Barriers to Health Literacy

Many barriers—including poverty, limited education, low reading levels, and inadequate English-language skills—stand in the way of developing health literacy. People who do not read well and know little about health are at a particular disadvantage because they have difficulty increasing their knowledge and understanding, but health information and the healthcare system can confuse and overwhelm even well-off Americans with advanced education. Medical science advances rapidly, and what people may have learned about health or biology during their school years often becomes outdated or inadequate, or is simply forgotten. Also, everyone confronts different aspects of a fragmented healthcare system with many new situations and complicated forms and procedures.

Beyond gaps in the education and reading skills of Americans, however, additional barriers arise because healthcare professionals often inadvertently make it difficult for lay people to understand what to do. Throughout their professional education and training, healthcare providers are taught to use precise technical language to discuss body parts and processes, disorders, and treatments—a habit that usually continues throughout their professional careers.

Although this type of technical communication works very well to convey exact, detailed information to fellow professionals, it creates a serious obstacle to communicating with the people receiving care. Professionals often find it hard to overcome this obstacle because they generally lack training and skill in translating information, ideas, and instructions into nontechnical terms to make them clear to people without a sophisticated grasp of health topics. Many lay people have only a superficial knowledge of diseases or disease processes. Concepts that are clear and obvious to health professionals—for example, the need to complete a course of antibiotics after symptoms disappear, what constitutes vigorous exercise, or how to measure out a proper dose of medicine—may be unfamiliar to many patients.

Beyond the problems of technical jargon, patients whose cultural backgrounds differ from that of the healthcare provider may bring to the interaction their own beliefs about the body or health, which may be at odds with common conceptions in American health care. For example, patients may attribute a disease to different causes and seek relief from different sources than medical science, which makes communicating about their health especially problematic. In addition, the prestige and power of the provider, especially physicians, may discourage patients from asking questions that could clear up misunderstandings or elicit important information because they may feel ashamed of their lack of understanding or their poor English. Physicians, on the other hand, often overestimate how well patients grasp what has been said and fail to encourage questions or to check whether, in fact, the patient understands. What’s more, tight schedules may discourage doctors from spending the few extra minutes needed to make sure patients understand.

Studies Link Health Outcomes to Patients’ Health Literacy and Doctors’ Communication Styles

Studies show that health literacy and doctor-patient communication can directly influence specific health outcomes. Researchers at the University of California, San Francisco, found a strong link between how well persons with type 2 diabetes control their disease and how well they understand what their doctors tell them about it. Whether the doctor makes sure that the patient understands also independently affects the degree of glycemic control that the patient attains.

One study found that patients with diabetes who scored low on health literacy tests had poorer glycemic control and more retinal damage caused by diabetes than did those with higher scores. The data indicated that health literacy was an independent factor in patients’ level of glycemic control. In another study, researchers watched doctors talk with patients about their diabetes. Doctors who asked their patients whether they understood explanations and instructions—and then tailored communication to each patient’s level of understanding—achieved better glycemic control than did patients of doctors who did not confirm that their patients grasped the information. The researchers identified doctors’ style of conveying information as an independent factor in patients’ ability to control their diabetes.

Improving Health Literacy

To improve the health of millions of Americans, addressing health literacy barriers must become a national priority. Professional societies, Government agencies, and the educational system must collaborate to train professionals to communicate more clearly and educate patients more effectively about their health. Healthcare administrators and oversight bodies also must hold organizations accountable and be accountable for improving health literacy. Healthcare providers who have patient contact must develop the skills of listening and giving explanations and directions that use words and images that patients comprehend and get into the habit of checking to make sure that patients understand what they should do. One effective technique is inviting patients to summarize in their own words the provider’s explanation or instructions.
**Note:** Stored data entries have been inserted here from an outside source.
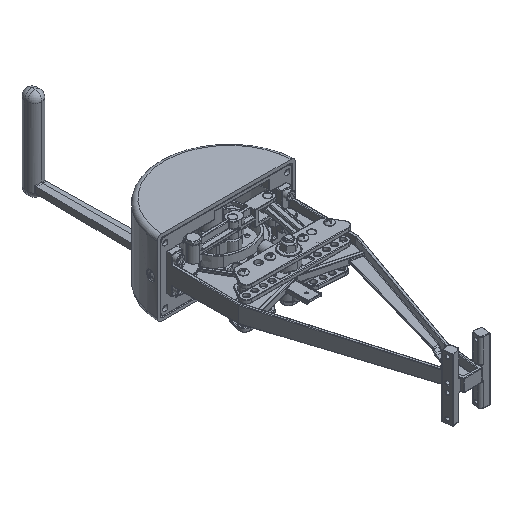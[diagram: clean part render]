
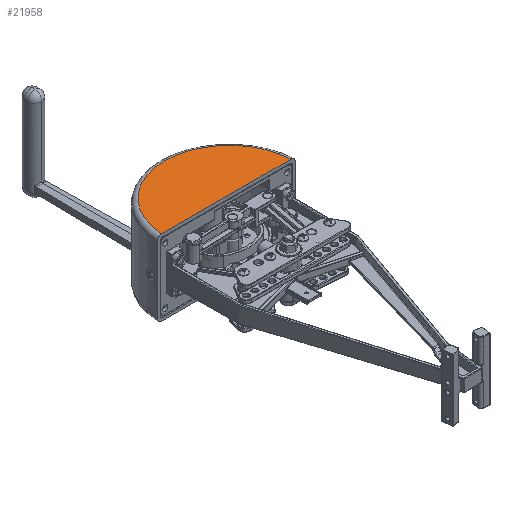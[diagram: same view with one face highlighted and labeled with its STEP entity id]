
A CAD part, isometric view. The second image highlights one B-rep face of the part: STEP entity #21958.
In plain terms, the highlighted planar face has unit normal (0, 0, 1).
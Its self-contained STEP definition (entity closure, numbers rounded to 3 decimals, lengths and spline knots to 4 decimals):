
#305 = EDGE_LOOP ( 'NONE', ( #5759, #3123 ) ) ;
#3123 = ORIENTED_EDGE ( 'NONE', *, *, #61050, .T. ) ;
#5004 = CIRCLE ( 'NONE', #39724, 2.8529 ) ;
#5759 = ORIENTED_EDGE ( 'NONE', *, *, #48353, .F. ) ;
#10770 = CARTESIAN_POINT ( 'NONE',  ( -2.8498, 0., 1.67 ) ) ;
#14504 = DIRECTION ( 'NONE',  ( -1., 0., 0. ) ) ;
#16756 = CARTESIAN_POINT ( 'NONE',  ( 2.8498, 0., 1.67 ) ) ;
#19310 = VERTEX_POINT ( 'NONE', #16756 ) ;
#20903 = AXIS2_PLACEMENT_3D ( 'NONE', #42317, #29816, #51246 ) ;
#21958 = ADVANCED_FACE ( 'NONE', ( #67348 ), #37400, .T. ) ;
#29816 = DIRECTION ( 'NONE',  ( 0., 0., 1. ) ) ;
#33800 = DIRECTION ( 'NONE',  ( 1., 0., 0. ) ) ;
#36219 = CARTESIAN_POINT ( 'NONE',  ( 3.05, 0., 1.67 ) ) ;
#37400 = PLANE ( 'NONE',  #20903 ) ;
#39724 = AXIS2_PLACEMENT_3D ( 'NONE', #66114, #50006, #33800 ) ;
#40624 = VERTEX_POINT ( 'NONE', #10770 ) ;
#42317 = CARTESIAN_POINT ( 'NONE',  ( 0., -0.1329, 1.67 ) ) ;
#48353 = EDGE_CURVE ( 'NONE', #19310, #40624, #51377, .T. ) ;
#50006 = DIRECTION ( 'NONE',  ( 0., 0., 1. ) ) ;
#51246 = DIRECTION ( 'NONE',  ( 1., 0., 0. ) ) ;
#51377 = LINE ( 'NONE', #36219, #55633 ) ;
#55633 = VECTOR ( 'NONE', #14504, 39.3701 ) ;
#61050 = EDGE_CURVE ( 'NONE', #19310, #40624, #5004, .T. ) ;
#66114 = CARTESIAN_POINT ( 'NONE',  ( 0., -0.1329, 1.67 ) ) ;
#67348 = FACE_OUTER_BOUND ( 'NONE', #305, .T. ) ;
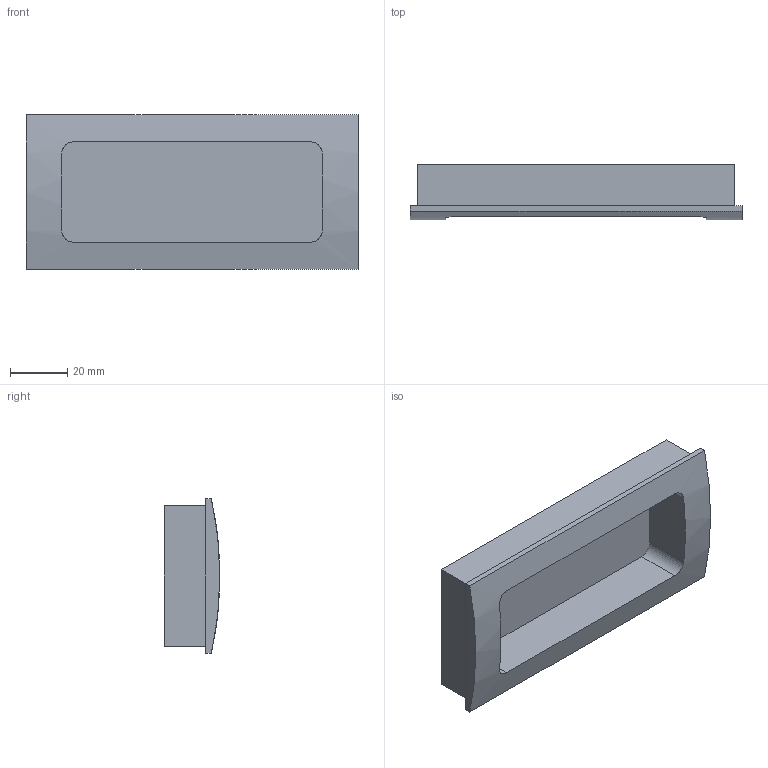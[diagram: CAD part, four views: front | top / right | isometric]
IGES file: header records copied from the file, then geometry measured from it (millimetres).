
Start section: Data from Parasolid IGES Translator 15.0.47, Copyright(c) 2006 Siemens P LM Software. All Rights Reserved.
Global section: file name: 115181.igs; native system:  By UGS Corp.; preprocessor: XPlus GENERIC/IGES 3.0; author: Noname; organization: Noname; date: 20140122.180743; units: millimetre
Bounding box: 116 x 19.5 x 54 mm (x, y, z)
Surface area: 22398.7 mm2 (no closed solid volume)
Topology: 0 solids, 0 shells, 24 faces, 108 edges, 106 vertices
Faces by surface type: extrusion 17, revolution 7

Such an invitation creates the opportunity for an ongoing exchange between provider and patient to work toward mutual understanding.

Beyond these steps, health professionals and administrators must work to ensure that written materials provided to patients and their families are clear and understandable. Are the materials appropriate to the individual’s ability to understand? Are the directions specific and concrete? Exactly what is the patient supposed to do? How? When? How often? For how long? Exactly what information does the form require? Providing clear, accurate, and useful materials to patients of all abilities means that providers must select or create materials with the patient’s viewpoint and abilities in mind. At the very least, materials should be written in plain language, and a number of organizations are working to expand the use of plain language in healthcare materials of all kinds. In addition, visuals, graphics, and other forms of communication can supplement plain language and help explain and expand the meaning of the written materials.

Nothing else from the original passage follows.